Question

An agronomist wishes to estimate, to within one percentage point, the proportion of a new variety of seed that will germinate when planted, with 95% confidence. A typical germination rate is 97%. Estimate the minimum size sample required.

Answer 1

Answer:

The minimum sample size must be 1118 to have margin of error within one percentage point.

Step-by-step explanation:

We are given the following in the question:

Germination rate = 97% = 0.97

$\hat{p} = 0.97$

Margin of error = 1% = 0.01

We have to find the minimum sample size for a 95% confidence interval.
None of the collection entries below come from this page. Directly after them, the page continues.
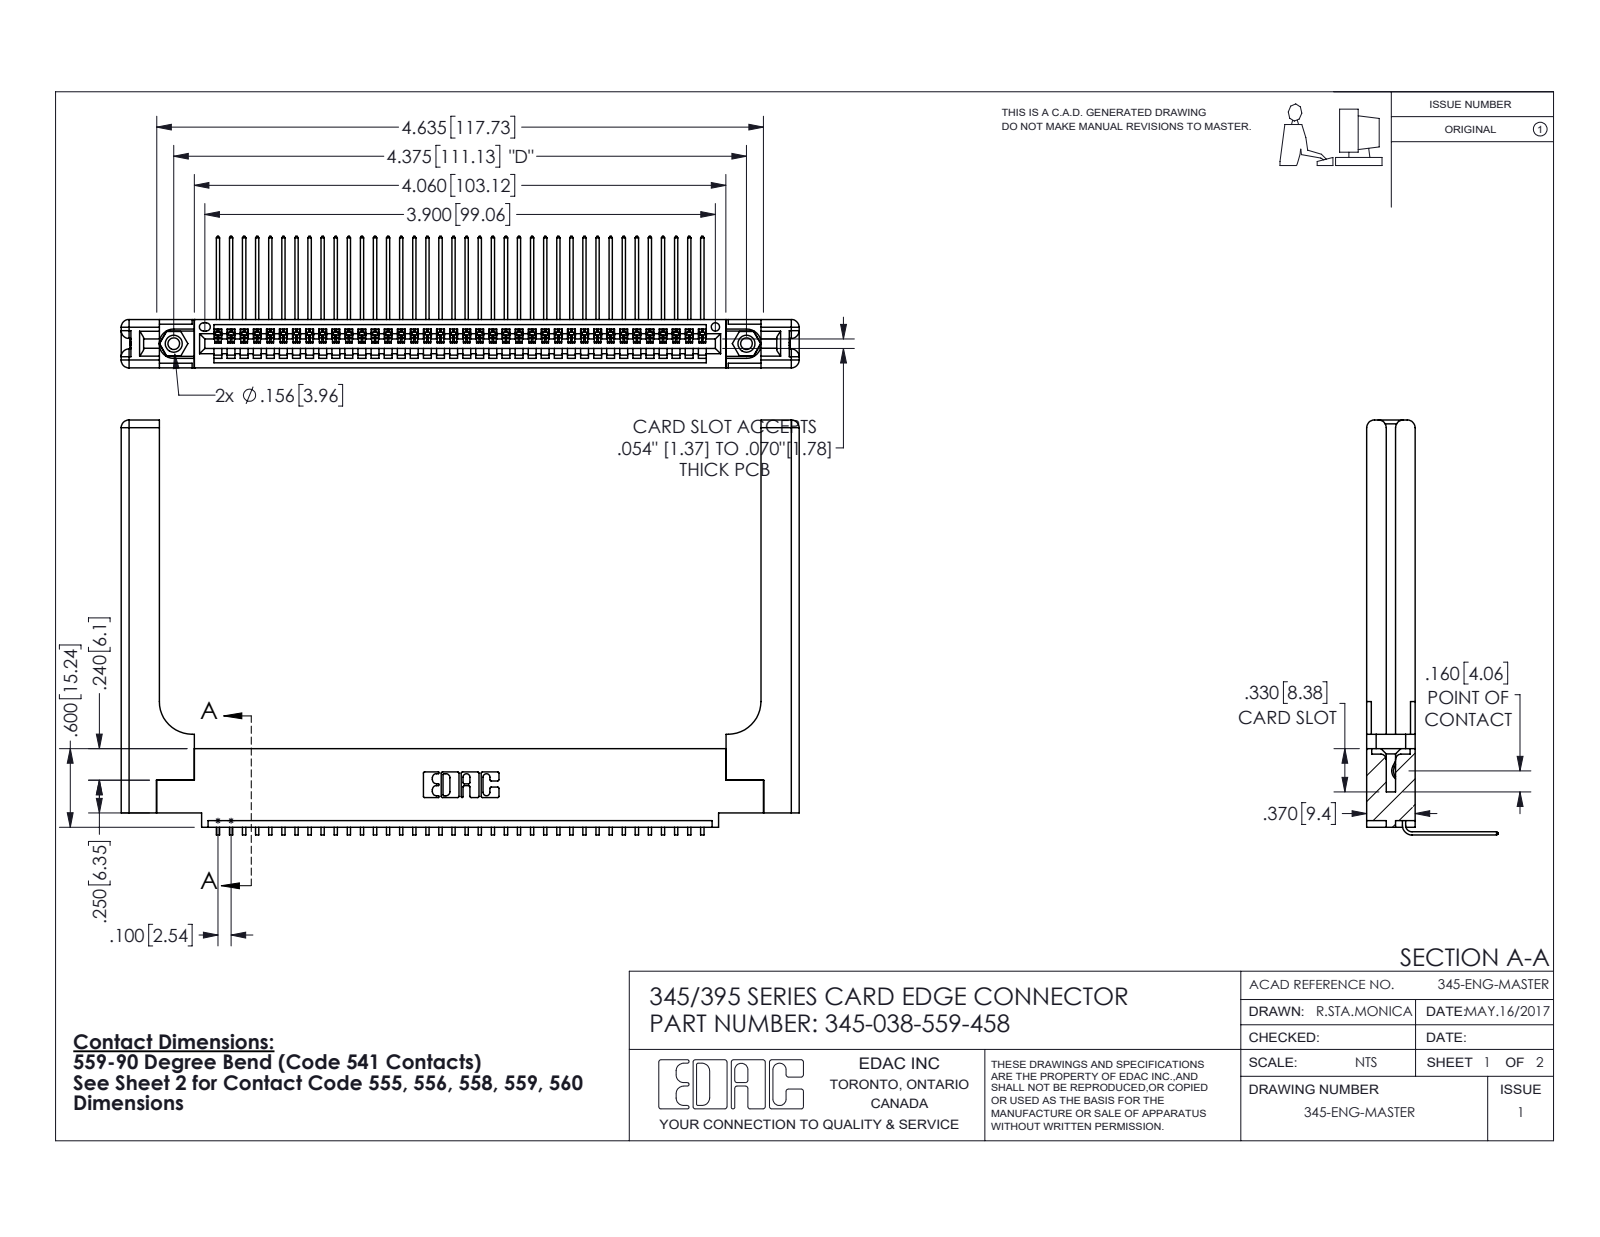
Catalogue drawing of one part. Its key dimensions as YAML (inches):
part_name: "345-220-058_345-220-058; 345 Part_0.110 Offset - 0.156 Dia-TH; 345-292-001_558 559 Tail - 1; 345-038-559-458 (+1 more)"
step_written_by: "SolidWorks 2016 (CONFIG_CONTROL_DESIGN)"
units: inches
bodies: {solids: 43, faces: 2666, planar: 1828, cylindrical: 778, other: 60}
overall_size: [5.179, 3.169, 1.005]
volume: 1.283
surface_area: 35.2
round_holes:
  - {diameter: 0.089, count: 2}
  - {diameter: 0.125, count: 2}
  - {diameter: 0.156, count: 2}
  - {diameter: 0.064, count: 1}
round_bosses_or_shafts:
  - {diameter: 0.155, count: 2}
partial_cylinders:
  - {radius: 0.006, count: 76}
  - {radius: 0.01, count: 22}
  - {radius: 0.06, count: 16}
  - {radius: 0.007, count: 6}
  - {radius: 0.031, count: 6}
  - {radius: 0.026, count: 3}
  - {radius: 0.03, count: 2}
  - {radius: 0.031, count: 2}
face_to_face_distances: [0.37, 0.072, 0.298, 0.098, 0.272, 0.025, 0.2, 0.148, 0.15, 0.225]
hole_center_spacings: [0.27, 4.139, 4.375]
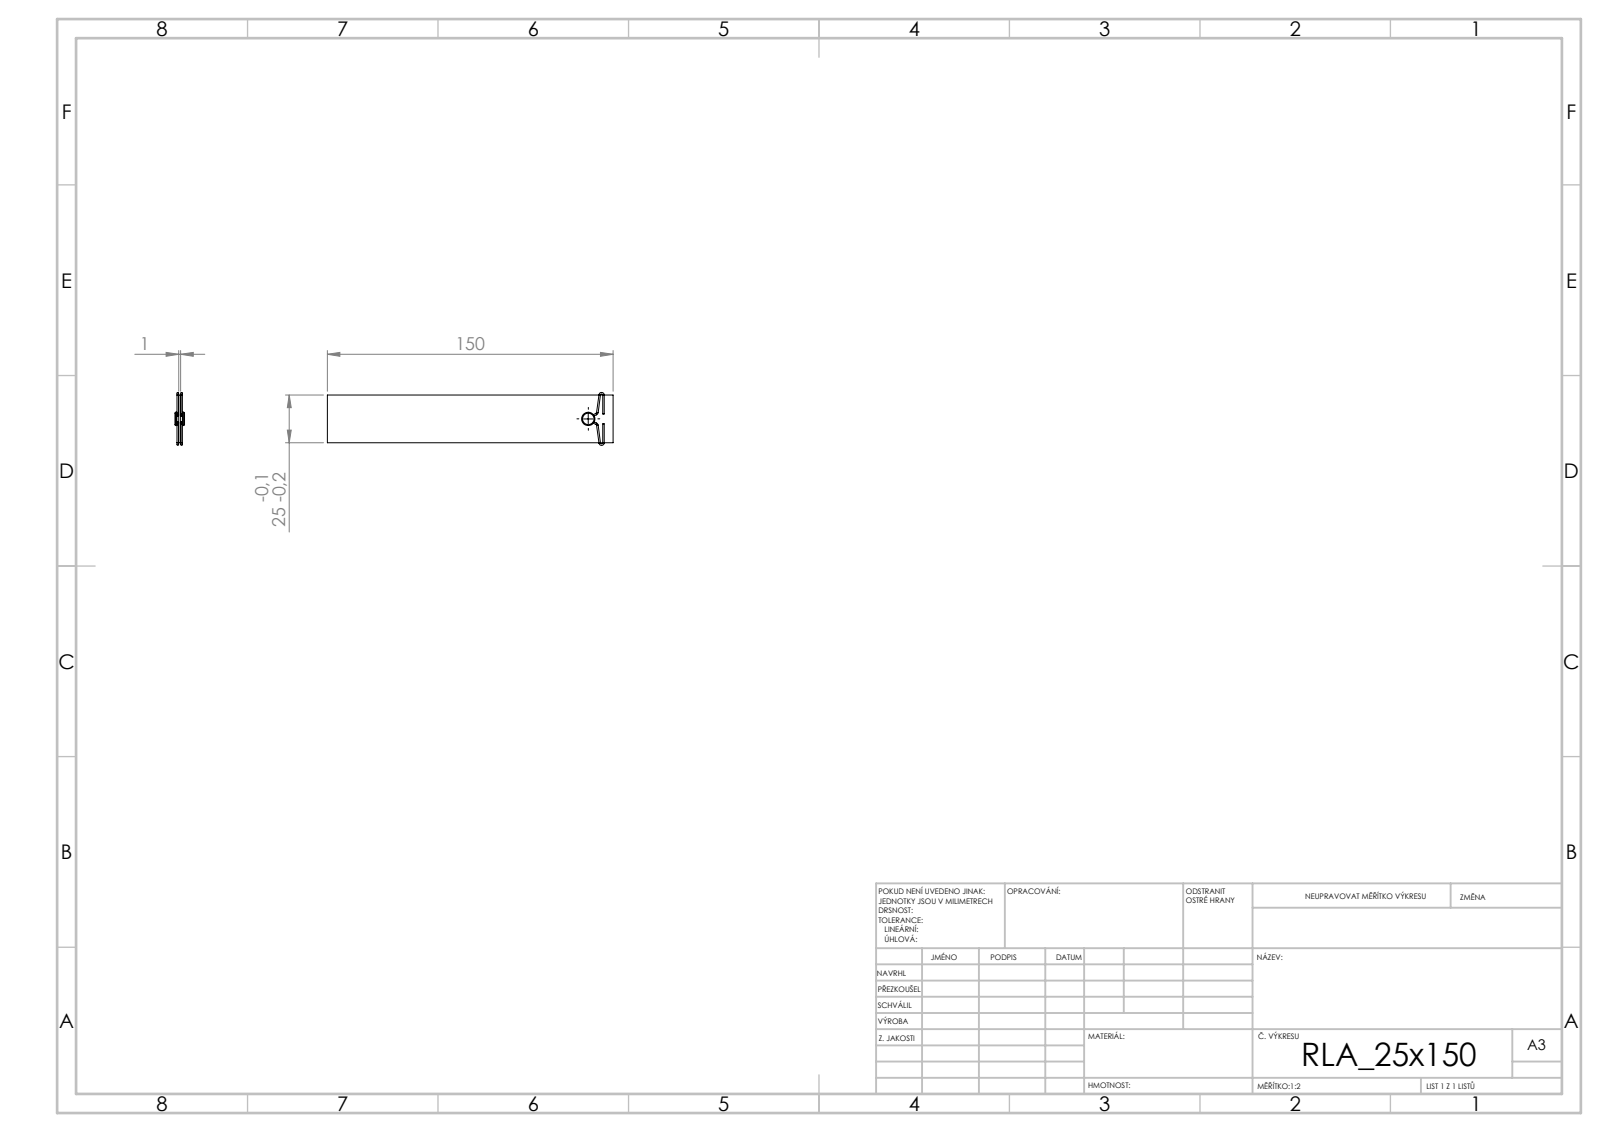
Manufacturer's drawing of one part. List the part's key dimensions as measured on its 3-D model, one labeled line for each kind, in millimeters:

Formula for margin of error:

$z_{stat}\times \sqrt{\dfrac{\hat{p}(1-\hat{p})}{n}}$

$z_{critical}\text{ at}~\alpha_{0.05} = 1.96$

Putting values, we get,

$1.96\times \sqrt{\dfrac{0.97(1-0.97)}{n}}\leq 0.01\\\\\sqrt{n} \geq 1.96\times \dfrac{\sqrt{0.97(1-0.97)}}{0.01}\\\\\sqrt{n}\geq 33.4350\\\Rightarrow n \geq 1117.9056$

Rounding off to integer,

$n = 1118$

Thus, the minimum sample size must be 1118 to have margin of error within one percentage point.